Керн заглушил зябкий зевок.

– Это, знаете, кончается рвотой.

Монфиори вздохнул. Отпил. Причмокнул. Выдвижным карандашиком отметил крестиком первый номер в списке. От крыльев носа шли у него две глубокие борозды к уголкам тонкого рта.

После третьей рюмки Керн молча закурил. После шестой – это была какая-то приторная смесь шоколада и шампанского – ему захотелось говорить.

Он выпустил рупор дыма; щурясь, отряхнул пепел желтым ногтем.

– Скажите, Монфиори, что вы думаете об этой – как ее – Изабель?..

– Вы ничего от нее не добьетесь, – ответил Монфиори. – Она из породы скользящих. Ищет только прикосновений.

– Но она ночью играет на гитаре, с собакой возится. Это скверно, не правда ли? – сказал Керн, выпучив глаза на свою рюмку.

Монфиори опять вздохнул:

– Да бросьте вы ее. Право…

– Это вы, по-моему, из зависти, – начал было Керн.

Тот тихо перебил его:

– Она женщина. А у меня, видите ли, другие вкусы.

Скромно кашлянул. Поставил крестик.

Рубиновые напитки сменились золотыми. Керн чувствовал, что кровь у него становится сладкая. В голове туманилось. Белые гетры покинули бар. Умолкли дробь и напевы далекой музыки.

– Вы говорите, что нужно выбирать… – густо и вяло говорил он. – А я, понимаете, дошел до такой точки… Вот слушайте: у меня была жена. Она полюбила другого. Тот оказался вором. Крал автомобили, ожерелья, меха… И она отравилась. Стрихнином.

– А в Бога вы верите? – спросил Монфиори с видом человека, который попадает на своего конька. – Ведь Бог-то есть.

Керн фальшиво засмеялся:

– Библейский Бог. Газообразное позвоночное… Не верю.

– Это из Хукслея, – вкрадчиво заметил Монфиори. – А был библейский Бог… Дело в том, что Он не один; много их, библейских богов… Сонмище… Из них мой любимый… «От чихания Его показывается свет; глаза у Него как ресницы зари». Вы понимаете, понимаете, что это значит? А? И дальше: «…мясистые части тела Его сплочены между собой твердо, не дрогнут». Что? Что? Понимаете?

– Стойте, – крикнул Керн.

– Нет, вникайте, вникайте. «Он море претворяет в кипящую мазь, оставляет за собою светящуюся стезю: бездна кажется сединою!»

– Стойте же, наконец, – перебил Керн. – Я хочу вам сказать, что я решил покончить с собой…

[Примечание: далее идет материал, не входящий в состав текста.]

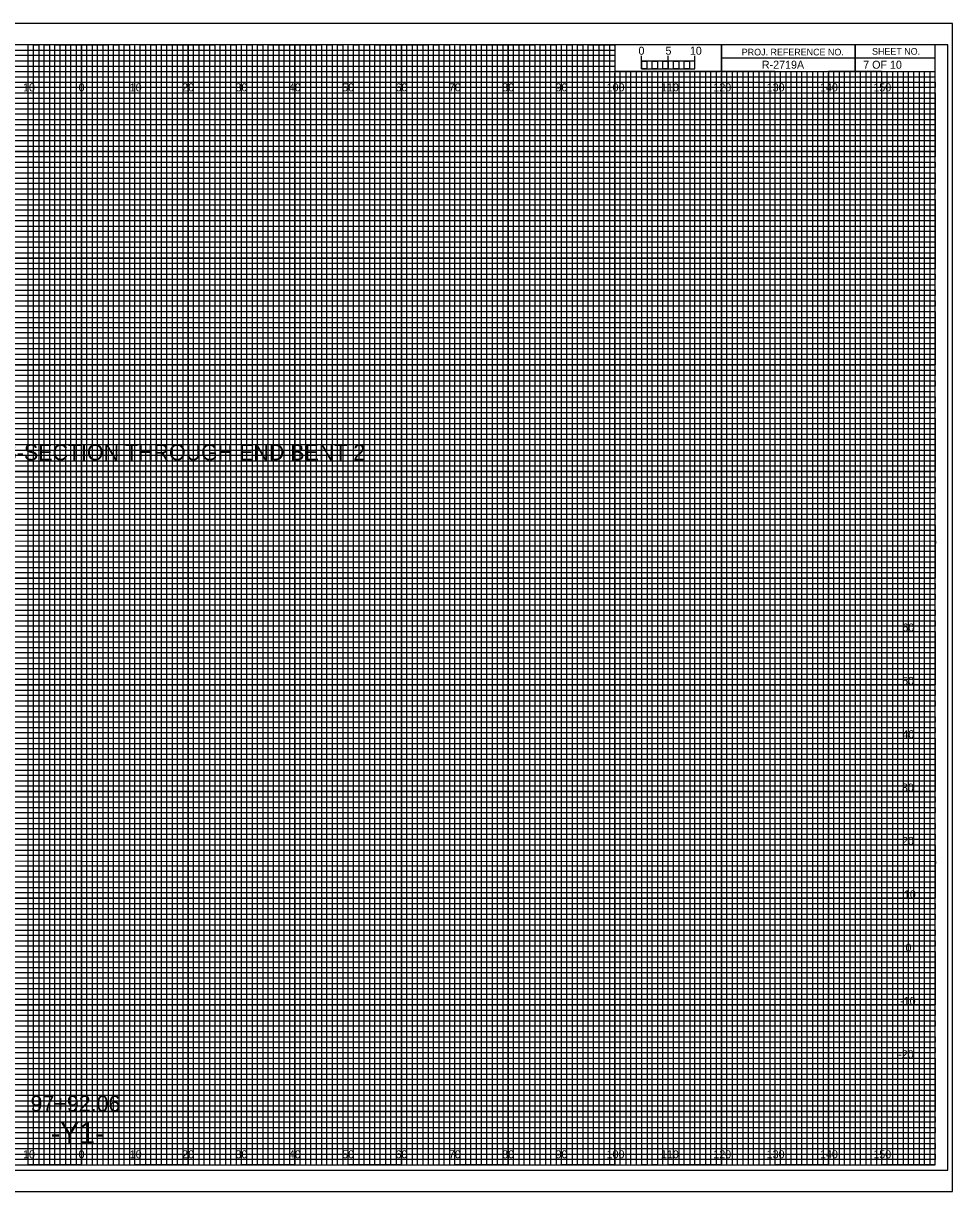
# Model space of a CAD drawing. Extents: x -13 to 886, y -5 to 434.
# Drawn here: x 149.1 to 323.3, y 215 to 434 of the extents above; entities that cross this region are included whole.
import ezdxf

# ---------------------------------------------------------------- set-up
doc = ezdxf.new("R2010")
doc.units = 0
for name, color, linetype in [('Prop Road Sect_ Boring - Header Labels from Geopak', 7, 'Continuous'), ('Prop XS Alignment Label', 7, 'Continuous'), ('Prop XS Bar Scale Labels', 7, 'Continuous'), ('Prop XS Elevation Labels', 7, 'Continuous'), ('Prop XS Offset Labels', 7, 'Continuous'), ('Prop XS Project Number', 7, 'Continuous'), ('Prop XS Sheet Number', 7, 'Continuous'), ('Prop XS Station Labels', 7, 'Continuous'), ('Sheet Cross Section CELL', 7, 'Continuous'), ('Sheet Cross Section Grid Major CELL', 7, 'Continuous'), ('Sheet Cross Section Grid Middle CELL', 7, 'Continuous'), ('Sheet Cross Section Grid Minor 1 CELL', 7, 'Continuous'), ('Sheet Cross Section Grid Minor 2 CELL', 7, 'Continuous'), ('Sheet Cross Section Scale CELL', 7, 'Continuous'), ('Sheet Cutting Line CELL', 7, 'Continuous'), ('Sheet DOT Grid CELL', 7, 'Continuous'), ('Sheet Plot Border Inside CELL', 7, 'Continuous'), ('Sheet Plot Border Outside CELL', 7, 'Continuous')]:
    doc.layers.add(name, color=color, linetype=linetype)

msp = doc.modelspace()

# ---------------------------------------------------------------- linework, layer by layer
at = {"layer": 'Sheet Cross Section CELL'}
for p, q in [((305, 430), (305, 425)), ((305, 425), (305, 430)), ((280, 427.5), (280, 425)), ((320, 427.49), (280, 427.49)), ((280, 425), (320, 425))]:
    msp.add_line(p, q, dxfattribs=at)
for points in [[(320, 430), (0, 430), (0, 220), (320, 220)], [(280, 430), (260, 430), (260, 425.03), (280, 425.03)], [(320, 430), (280, 430), (280, 425), (320, 425)]]:
    msp.add_lwpolyline(points, close=True, dxfattribs=at)
at = {"layer": 'Sheet Cross Section Grid Major CELL'}
for p, q in [((150, 430), (140, 430)), ((150, 220), (150, 430)), ((170, 430), (160, 430)), ((160, 430), (160, 220)), ((170, 220), (170, 430)), ((190, 430), (180, 430)), ((180, 430), (180, 220)), ((190, 220), (190, 430)), ((210, 430), (200, 430)), ((200, 430), (200, 220)), ((210, 220), (210, 430)), ((230, 430), (220, 430)), ((220, 430), (220, 220)), ((230, 220), (230, 430)), ((250, 430), (240, 430)), ((240, 430), (240, 220)), ((250, 220), (250, 430)), ((260, 430), (260, 220)), ((270, 220), (270, 425)), ((290, 425), (280, 425)), ((280, 425), (280, 220)), ((290, 220), (290, 425)), ((310, 425), (300, 425)), ((300, 425), (300, 220)), ((310, 220), (310, 425)), ((160, 220), (150, 220)), ((180, 220), (170, 220)), ((200, 220), (190, 220)), ((220, 220), (210, 220)), ((240, 220), (230, 220)), ((260, 220), (250, 220)), ((280, 220), (270, 220)), ((300, 220), (290, 220)), ((320, 220), (310, 220)), ((320, 220), (320, 220))]:
    msp.add_line(p, q, dxfattribs=at)
for points in [[(0, 420), (320, 420), (320, 410), (0, 410)], [(0, 400), (320, 400), (320, 390), (0, 390)], [(0, 380), (320, 380), (320, 370), (0, 370)], [(0, 360), (320, 360), (320, 350), (0, 350)], [(0, 340), (320, 340), (320, 330), (0, 330)], [(0, 320), (320, 320), (320, 310), (0, 310)], [(0, 300), (320, 300), (320, 290), (0, 290)], [(0, 280), (320, 280), (320, 270), (0, 270)], [(0, 260), (320, 260), (320, 250), (0, 250)], [(0, 240), (320, 240), (320, 230), (0, 230)]]:
    msp.add_lwpolyline(points, dxfattribs=at)
at = {"layer": 'Sheet Cross Section Grid Middle CELL'}
for points in [[(145, 220), (155, 220), (155, 430), (165, 430), (165, 220), (175, 220), (175, 430), (185, 430), (185, 220), (195, 220), (195, 430), (205, 430), (205, 220), (215, 220), (215, 430), (225, 430), (225, 220), (235, 220), (235, 430), (245, 430), (245, 220), (255, 220), (255, 430), (259.93, 430), (260, 430), (260, 425), (264.99, 425), (264.99, 220), (275, 220), (275, 425), (285, 425), (285, 220), (295, 220), (295, 425), (305, 425), (305, 220), (315, 220), (315, 425)], [(0, 425), (275, 425)], [(0, 405), (320, 405), (320, 415), (0, 415)], [(0, 385), (320, 385), (320, 395), (0, 395)], [(0, 365), (320, 365), (320, 375), (0, 375)], [(0, 345), (320, 345), (320, 355), (0, 355)], [(0, 325), (320, 325), (320, 335), (0, 335)], [(0, 305), (320, 305), (320, 315), (0, 315)], [(0, 285), (320, 285), (320, 295), (0, 295)], [(0, 265), (320, 265), (320, 275), (0, 275)], [(0, 245), (320, 245), (320, 255), (0, 255)], [(0, 225), (320, 225), (320, 235), (0, 235)]]:
    msp.add_lwpolyline(points, dxfattribs=at)
at = {"layer": 'Sheet Cross Section Grid Minor 1 CELL'}
for p, q in [((0, 429), (260, 429)), ((260, 427.98), (0, 427.98)), ((260, 429), (260, 427.98)), ((0, 427), (260, 427)), ((260, 425.89), (0, 425.89)), ((260, 427), (260, 425.89)), ((0, 424), (320, 424))]:
    msp.add_line(p, q, dxfattribs=at)
for points in [[(0, 423), (270, 423), (320, 423), (320, 422), (0, 422)], [(0, 421), (320, 421), (320, 419), (0, 419)], [(0, 418), (320, 418), (320, 417), (0, 416.98)], [(0, 416), (320, 416), (320, 414), (0, 414)], [(0, 413), (320, 413), (320, 412), (0, 412)], [(0, 411), (320, 411), (320, 409), (0, 409)], [(0, 408), (320, 408), (320, 407), (0, 407)], [(0, 406), (320, 406), (320, 404), (0, 404)], [(0, 403), (320, 403), (320, 402), (0, 402)], [(0, 401), (320, 401), (320, 399), (0, 399)], [(0, 398), (320, 398), (320, 397), (0, 397)], [(0, 396), (320, 396), (320, 393.95), (320, 393), (320, 392), (0, 392)], [(0, 394), (320, 394), (320, 393), (0, 393)], [(0, 391), (320, 391), (320, 389), (0, 389.03)], [(0, 389.03), (320, 389), (320, 388), (0, 388)], [(0, 387), (320, 387), (320, 386), (0, 386)], [(0, 384), (320, 384), (320, 383), (0, 383)], [(0, 382), (320, 382), (320, 381), (0, 381)], [(-0.07, 378.89), (320, 378.89), (320, 377.88), (-0.07, 377.88)], [(0, 377), (320, 377), (320, 376), (0, 376)], [(0, 374), (320, 374), (320, 373), (0, 373)], [(0, 372), (320, 372), (320, 371), (0, 371)], [(0, 369), (320, 369), (320, 368), (0, 368)], [(0, 367), (320, 367), (320, 366), (0, 366)], [(0, 364), (320, 364), (320, 363), (0, 363)], [(0, 362), (320, 362), (320, 361), (0, 361)], [(0, 359), (320, 359), (319.99, 357.98), (0, 358)], [(0, 357), (320, 357), (320, 356), (0, 356)], [(0, 354), (320, 354), (320, 353), (0, 353)], [(0, 352), (320, 352), (320, 351), (0, 351)], [(0, 349), (320, 349), (320, 348), (0, 348)], [(0, 347), (320, 347), (320, 346), (0, 346)], [(0, 344), (320, 344), (320, 343), (0, 343)], [(0, 342), (320, 342), (320, 341), (0, 341)], [(0, 339), (320, 339), (320, 338), (0, 338)], [(0, 336.99), (320.07, 336.91), (320, 336), (0, 336)], [(0, 334), (320, 334), (320, 333), (0, 333)], [(0, 332), (320, 332), (320, 331), (0, 331)], [(0, 329), (320, 329), (320, 328), (0, 328)], [(0, 327), (320, 327), (320, 326), (0, 326)], [(0, 324), (320, 324), (320, 323), (0, 323)], [(0, 322), (320, 322), (320, 321), (0, 321)], [(0, 319), (320, 319), (320, 318), (0, 318)], [(0, 317), (320, 317), (320, 316), (0, 316)], [(0, 314), (320, 314), (320, 313), (0, 313)], [(0, 312), (320, 312), (320, 311), (0, 311)], [(0, 309), (320, 309), (320, 308), (0, 308)], [(0, 307), (320, 307), (320, 306), (0, 306)], [(0, 304), (320, 304), (320, 303), (0, 303)], [(0, 302), (320, 302), (320, 301), (0, 301)], [(0, 299), (320, 299), (319.99, 297.98), (0, 298)], [(0, 297), (320, 297), (320, 296), (0, 296)], [(0, 294), (320, 294), (320, 293), (0, 293)], [(0, 292), (320, 292), (320, 291), (0, 291)], [(0, 289), (320, 289), (320, 288), (0, 288)], [(0, 287), (320, 287), (320, 286), (0, 286)], [(0, 284), (320, 284), (320, 283), (0, 283)], [(0, 282), (320, 282), (320, 281), (0, 281)], [(0, 279), (320, 279), (320, 278), (0, 278)], [(0, 276.99), (320.07, 276.91), (320, 276), (0, 276)], [(0, 274), (320, 274), (320, 273), (0, 273)], [(0, 272), (320, 272), (320, 271), (0, 271)], [(0, 269), (320, 269), (320, 268), (0, 268)], [(0, 267), (320, 267), (320, 266), (0, 266)], [(0, 264), (320, 264), (320, 263), (0, 263)], [(0, 262), (320, 262), (320, 261), (0, 261)], [(0, 259), (320, 259), (320, 258), (0, 258)], [(0, 257), (320, 257), (320, 256), (0, 256)], [(0, 254), (320, 254), (320, 253), (0, 253)], [(0, 252), (320, 252), (320, 251), (0, 251)], [(0, 249), (320, 249), (320, 248), (0, 248)], [(0, 247), (320, 247), (320, 246), (0, 246)], [(0, 244), (320, 244), (320, 243), (0, 243)], [(0, 242), (320, 242), (320, 241), (0, 241)], [(0, 239), (320, 239), (320, 238), (0, 238)], [(0, 237), (320, 237), (320, 236), (0, 236)], [(0, 234), (320, 234), (320, 233), (0, 233)], [(0, 232), (320, 232), (320, 231), (0, 231)], [(0, 229), (320, 229), (320, 228), (0, 228)], [(0, 227), (320, 227), (320, 226), (0, 226)], [(0, 224), (320, 224), (320, 223), (0, 223)], [(0, 222), (320, 222), (320, 221), (0, 221)]]:
    msp.add_lwpolyline(points, dxfattribs=at)
at = {"layer": 'Sheet Cross Section Grid Minor 2 CELL'}
for p, q in [((267, 425), (266.01, 425)), ((266.01, 425), (266.01, 220)), ((267, 220), (267, 425)), ((269, 425), (268, 425)), ((268, 425), (268, 220)), ((269, 220), (269, 425)), ((266.01, 220), (265, 220)), ((268, 220), (267, 220))]:
    msp.add_line(p, q, dxfattribs=at)
for points in [[(150, 220), (151, 220), (151, 430), (152, 430), (152, 220)], [(152, 220), (153, 220), (153, 430), (154, 430), (154, 220)], [(155, 220), (156, 220), (156, 430), (157, 430), (157, 220)], [(157, 220), (158, 220), (158, 430), (159, 430), (159, 220)], [(160, 220), (161, 220), (161, 430), (162, 430), (162, 220)], [(162, 220), (163, 220), (163, 430), (164, 430), (164, 220)], [(165, 220), (166, 220), (166, 430), (167, 430), (167, 220)], [(167, 220), (168, 220), (168, 430), (169, 430), (169, 220)], [(170, 220), (171, 220), (171, 430), (172, 430), (172, 220)], [(172, 220), (173, 220), (173, 430), (174, 430), (174, 220)], [(175, 220), (176, 220), (176, 430), (177, 430), (177, 220)], [(177, 220), (178, 220), (178, 430), (179, 430), (179, 220)], [(180, 220), (181, 220), (181, 430), (182, 430), (182, 220)], [(182, 220), (183, 220), (183, 430), (184, 430), (184, 220)], [(185, 220), (186, 220), (186, 430), (187, 430), (187, 220)], [(187, 220), (188, 220), (188, 430), (189, 430), (189, 220)], [(190, 220), (191, 220), (191, 430), (192, 430), (192, 220)], [(192, 220), (193, 220), (193, 430), (194, 430), (194, 220)], [(195, 220), (196, 220), (196, 430), (197, 430), (197, 220)], [(197, 220), (198, 220), (198, 430), (199, 430), (199, 220)], [(200, 220), (201, 220), (201, 430), (202, 430), (202, 220)], [(202, 220), (203, 220), (203, 430), (204, 430), (204, 220)], [(205, 220), (206, 220), (206, 430), (207, 430), (207, 220)], [(207, 220), (208, 220), (208, 430), (209, 430), (209, 220)], [(210, 220), (211, 220), (211, 430), (212, 430), (212, 220)], [(212, 220), (213, 220), (213, 430), (214, 430), (214, 220)], [(215, 220), (216, 220), (216, 430), (217, 430), (217, 220)], [(217, 220), (218, 220), (218, 430), (219, 430), (219, 220)], [(220, 220), (221, 220), (221, 430), (222, 430), (222, 220)], [(222, 220), (223, 220), (223, 430), (224, 430), (224, 220)], [(225, 220), (226, 220), (226, 430), (227, 430), (227, 220)], [(227, 220), (228, 220), (228, 430), (229, 430), (229, 220)], [(230, 220), (231, 220), (231, 430), (232, 430), (232, 220)], [(232, 220), (233, 220), (233, 430), (234, 430), (234, 220)], [(235, 220), (236, 220), (236, 430), (237, 430), (237, 220)], [(237, 220), (238, 220), (238, 430), (239, 430), (239, 220)], [(240, 220), (241, 220), (241, 430), (242, 430), (242, 220)], [(242, 220), (243, 220), (243, 430), (244, 430), (244, 220)], [(245, 220), (246, 220), (246, 430), (247, 430), (247, 220)], [(247, 220), (248, 220), (248, 430), (249, 430), (249, 220)], [(250, 220), (251, 220), (251, 430), (252, 430), (252, 220)], [(252, 220), (253, 220), (253, 430), (254, 430), (254, 220)], [(255, 220), (256, 220), (256, 430), (257, 430), (257, 220)], [(257, 220), (258, 220), (258, 430), (259, 430), (259, 220)], [(260, 220), (261, 220), (261, 425), (262.02, 425), (262.02, 220)], [(262, 220), (263, 220), (263, 425), (263.99, 425), (263.99, 220)], [(270, 220), (270.98, 220), (270.98, 425), (272, 425), (272, 220)], [(272, 220), (273, 220), (273, 425), (274.05, 425), (274.05, 220)], [(275, 220), (276, 220), (276, 425), (277, 425), (277, 220)], [(277, 220), (278, 220), (278, 425), (279, 425), (279, 220)], [(280, 220), (281, 220), (281, 425), (282, 425), (282, 220)], [(282, 220), (283, 220), (283, 425), (284, 425), (284, 220)], [(285, 220), (286, 220), (286, 425), (287, 425), (287, 220)], [(287, 220), (288, 220), (288, 425), (289, 425), (289, 220)], [(290, 220), (291, 220), (291, 425), (292, 425), (292, 220)], [(292, 220), (293, 220), (293, 425), (294, 425), (294, 220)], [(295, 220), (296, 220), (296, 425), (297, 425), (297, 220)], [(297, 220), (298, 220), (298, 425), (299, 425), (299, 220)], [(300, 220), (301, 220), (301, 425), (302, 425), (302, 220)], [(302, 220), (303, 220), (303, 425), (304, 425), (304, 220)], [(305, 220), (306, 220), (306, 425), (307, 425), (307, 220)], [(307, 220), (308, 220), (308, 425), (309, 425), (309, 220)], [(310, 220), (311, 220), (311, 425), (312, 425), (312, 220)], [(312, 220), (313, 220), (313, 425), (314, 425), (314, 220)], [(315, 220), (316, 220), (316, 425), (317, 425), (317, 220)], [(317, 220), (318, 220), (318, 425), (319, 425), (319, 220)]]:
    msp.add_lwpolyline(points, dxfattribs=at)
at = {"layer": 'Sheet Cross Section Scale CELL'}
for p, q in [((265, 425.49), (265, 427.9)), ((265, 426.9), (265, 427.9)), ((270, 425.49), (270, 427.9)), ((275, 425.49), (275, 427.9)), ((275, 426.9), (275, 427.9))]:
    msp.add_line(p, q, dxfattribs=at)
for points in [[(275, 426.9), (265, 426.9), (265, 425.49), (275, 425.49)], [(265, 426.9), (266, 426.9), (266, 425.49), (265, 425.49)], [(267, 426.9), (268, 426.9), (268, 425.49), (267, 425.49)], [(269, 426.9), (270, 426.9), (270, 425.49), (269, 425.49)], [(271, 426.9), (272, 426.9), (272, 425.49), (271, 425.49)], [(273, 426.9), (274, 426.9), (274, 425.49), (273, 425.49)]]:
    msp.add_lwpolyline(points, close=True, dxfattribs=at)
at = {"layer": 'Sheet Cutting Line CELL'}
for p, q in [((323.3, 434), (-13.4, 434)), ((-13.4, 215), (323.3, 215))]:
    msp.add_line(p, q, dxfattribs=at)
at = {"layer": 'Sheet DOT Grid CELL'}
for p, q in [((150, 220), (150, 430)), ((160, 220), (160, 430)), ((170, 220), (170, 430)), ((180, 220), (180, 430)), ((190, 220), (190, 430)), ((200, 220), (200, 430)), ((210, 220), (210, 430)), ((220, 220), (220, 430)), ((230, 220), (230, 430)), ((240, 220), (240, 430)), ((250, 220), (250, 430)), ((260, 220), (260, 424.69)), ((270, 220), (270, 424.69)), ((280, 220), (280, 424.69)), ((290, 220), (290, 424.69)), ((300, 220), (300, 424.69)), ((310, 220), (310, 424.69)), ((0, 420), (320, 420)), ((0, 410), (320, 410)), ((0, 400), (320, 400)), ((0, 390), (320, 390)), ((0, 380), (320, 380)), ((0, 370), (320, 370)), ((0, 360), (320, 360)), ((0, 350), (320, 350)), ((0, 340), (320, 340)), ((0, 330), (320, 330)), ((0, 320), (320, 320)), ((0, 310), (320, 310)), ((0, 300), (320, 300)), ((0, 290), (320, 290)), ((0, 280), (320, 280)), ((0, 270), (320, 270)), ((0, 260), (320, 260)), ((0, 250), (320, 250)), ((0, 240), (320, 240)), ((0, 230), (320, 230))]:
    msp.add_line(p, q, dxfattribs=at)
at = {"layer": 'Sheet Plot Border Inside CELL'}
msp.add_lwpolyline([(-10.8, 219), (322.4, 219), (322.4, 430), (-10.8, 430)], close=True, dxfattribs=at)
at = {"layer": 'Sheet Plot Border Outside CELL'}
msp.add_lwpolyline([(-13.4, 215), (323.3, 215), (323.3, 434), (-13.4, 434)], close=True, dxfattribs=at)

# ---------------------------------------------------------------- texts
at = {"layer": 'Prop Road Sect_ Boring - Header Labels from Geopak'}
msp.add_text('STRUCTURE 11 AND 12 CROSS-SECTION THROUGH END BENT 2', height=3, dxfattribs=at).set_placement((87.01, 352.09))
at = {"layer": 'Prop XS Alignment Label'}
msp.add_text('-Y1-', height=4, dxfattribs=at).set_placement((154.21, 224))
at = {"layer": 'Prop XS Bar Scale Labels'}
for s, p in [('5', (269.47, 428.12)), ('10', (274.04, 428.12))]:
    msp.add_text(s, height=1.5, dxfattribs=at).set_placement(p)
at = {"layer": 'Prop XS Elevation Labels'}
for s, p in [('60', (313.87, 320)), ('50', (313.82, 310)), ('40', (313.87, 300)), ('30', (313.78, 290)), ('20', (313.8, 280)), ('10', (314.17, 270)), ('0', (314.47, 260)), ('-10', (313.46, 250)), ('-20', (313.09, 240))]:
    msp.add_text(s, height=1.5, dxfattribs=at).set_placement(p)
at = {"layer": 'Prop XS Offset Labels'}
for s, p in [('10', (149.04, 421.25)), ('0', (159.45, 421.25)), ('0', (159.45, 421.25)), ('10', (169.04, 421.25)), ('20', (178.86, 421.25)), ('30', (188.86, 421.25)), ('40', (198.86, 421.25)), ('50', (208.86, 421.25)), ('60', (218.86, 421.25)), ('70', (228.86, 421.25)), ('80', (238.86, 421.25)), ('90', (248.86, 421.25)), ('100', (258.44, 421.25)), ('110', (268.62, 421.25)), ('120', (278.44, 421.25)), ('130', (288.44, 421.25)), ('140', (298.44, 421.25)), ('150', (308.44, 421.25)), ('10', (149.04, 221.25)), ('0', (159.45, 221.25)), ('0', (159.45, 221.25)), ('10', (169.04, 221.25)), ('20', (178.86, 221.25)), ('30', (188.86, 221.25)), ('40', (198.86, 221.25)), ('50', (208.86, 221.25)), ('60', (218.86, 221.25)), ('70', (228.86, 221.25)), ('80', (238.86, 221.25)), ('90', (248.86, 221.25)), ('100', (258.44, 221.25)), ('110', (268.62, 221.25)), ('120', (278.44, 221.25)), ('130', (288.44, 221.25)), ('140', (298.44, 221.25)), ('150', (308.44, 221.25))]:
    msp.add_text(s, height=1.5, dxfattribs=at).set_placement(p)
at = {"layer": 'Prop XS Project Number'}
msp.add_text('R-2719A', height=1.5, dxfattribs=at).set_placement((287.54, 425.5))
at = {"layer": 'Prop XS Sheet Number'}
msp.add_text('7 OF 10', height=1.5, dxfattribs=at).set_placement((306.54, 425.5))
at = {"layer": 'Prop XS Station Labels'}
msp.add_text('97+92.06', height=3, dxfattribs=at).set_placement((150.44, 230.01))
at = {"layer": 'Sheet Cross Section CELL'}
for s, p in [('PROJ. REFERENCE NO.', (283.77, 427.99)), ('SHEET NO.', (308.19, 428.12))]:
    msp.add_text(s, height=1.25, dxfattribs=at).set_placement(p)
at = {"layer": 'Sheet Cross Section Scale CELL'}
msp.add_text('0', height=1.5, dxfattribs=at).set_placement((264.41, 428.12))

doc.saveas('drawing.dxf')

Монфиори мутно и внимательно взглянул на него, ладошкой прикрыв рюмку. Помолчал.

– Я так и думал, – неожиданно мягко заговорил он. – Сегодня, когда вы смотрели на танцующих, и раньше, когда встали из-за стола… Было что-то в вашем лице… Морщинка между бровей… Особая… Я сразу понял…

Он затих, поглаживая край столика.

– Слушайте, что я вам скажу, – продолжал он, опустив тяжелые лиловые веки в бородавках ресниц. – Я повсюду ищу таких, как вы, – в дорогих гостиницах, в поездах, на морских курортах, – ночью, на набережных больших городов…

Мечтательная усмешка скользнула по его губам.

– Я помню, однажды, во Флоренции…

Он медленно поднял свои козьи глаза:

– Послушайте, Керн, я хочу присутствовать… Можно?

Керн, сутуло застывший, почувствовал холод в груди под крахмальной рубашкой.

«Мы оба пьяны… – пронеслось у него в мозгу. – Страшный он».

– Можно? – вытягивая губы, повторил Монфиори. – Я вас очень прошу.

Коснулся холодной волосатой ручкой…

– К чорту! Пустите меня… Я шутил…

Монфиори все так же внимательно смотрел, присасываясь глазами.

– Надоели вы мне! Все надоело, – рванулся, всплеснув руками, Керн, – и взгляд Монфиори оторвался, как бы чмокнув…

– Муть! Кукла!.. Игра слов!.. Баста!..

Он больно стукнулся бедром о край столика. Малиновый толстяк за своей зыбкой стойкой выпучил белый вырез, заплавал, как в кривом зеркале, среди своих бутылок. Керн прошел по скользившим волнам ковра, плечом толкнул стеклянную падавшую дверь.